→ What to do: I would like you to print all the records below exactly as they are.

-- Entries provided follows --

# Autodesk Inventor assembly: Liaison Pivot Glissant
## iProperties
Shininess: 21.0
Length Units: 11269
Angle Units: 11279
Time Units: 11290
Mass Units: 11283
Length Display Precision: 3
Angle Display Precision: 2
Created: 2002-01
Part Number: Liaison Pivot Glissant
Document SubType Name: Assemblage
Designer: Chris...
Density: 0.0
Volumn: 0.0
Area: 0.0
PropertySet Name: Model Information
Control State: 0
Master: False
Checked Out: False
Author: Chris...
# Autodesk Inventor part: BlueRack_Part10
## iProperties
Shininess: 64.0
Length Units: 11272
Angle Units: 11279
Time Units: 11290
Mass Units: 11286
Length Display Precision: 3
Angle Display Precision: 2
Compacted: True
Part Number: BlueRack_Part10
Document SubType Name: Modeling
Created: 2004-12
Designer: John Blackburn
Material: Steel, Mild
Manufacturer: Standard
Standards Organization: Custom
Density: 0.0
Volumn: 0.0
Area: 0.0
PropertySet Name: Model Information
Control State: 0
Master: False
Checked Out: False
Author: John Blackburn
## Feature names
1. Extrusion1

-- Entries provided concluded --

→ Answer below:
# Autodesk Inventor assembly: Liaison Pivot Glissant
## iProperties
Shininess: 21.0
Length Units: 11269
Angle Units: 11279
Time Units: 11290
Mass Units: 11283
Length Display Precision: 3
Angle Display Precision: 2
Created: 2002-01
Part Number: Liaison Pivot Glissant
Document SubType Name: Assemblage
Designer: Chris...
Density: 0.0
Volumn: 0.0
Area: 0.0
PropertySet Name: Model Information
Control State: 0
Master: False
Checked Out: False
Author: Chris...
# Autodesk Inventor part: BlueRack_Part10
## iProperties
Shininess: 64.0
Length Units: 11272
Angle Units: 11279
Time Units: 11290
Mass Units: 11286
Length Display Precision: 3
Angle Display Precision: 2
Compacted: True
Part Number: BlueRack_Part10
Document SubType Name: Modeling
Created: 2004-12
Designer: John Blackburn
Material: Steel, Mild
Manufacturer: Standard
Standards Organization: Custom
Density: 0.0
Volumn: 0.0
Area: 0.0
PropertySet Name: Model Information
Control State: 0
Master: False
Checked Out: False
Author: John Blackburn
## Feature names
1. Extrusion1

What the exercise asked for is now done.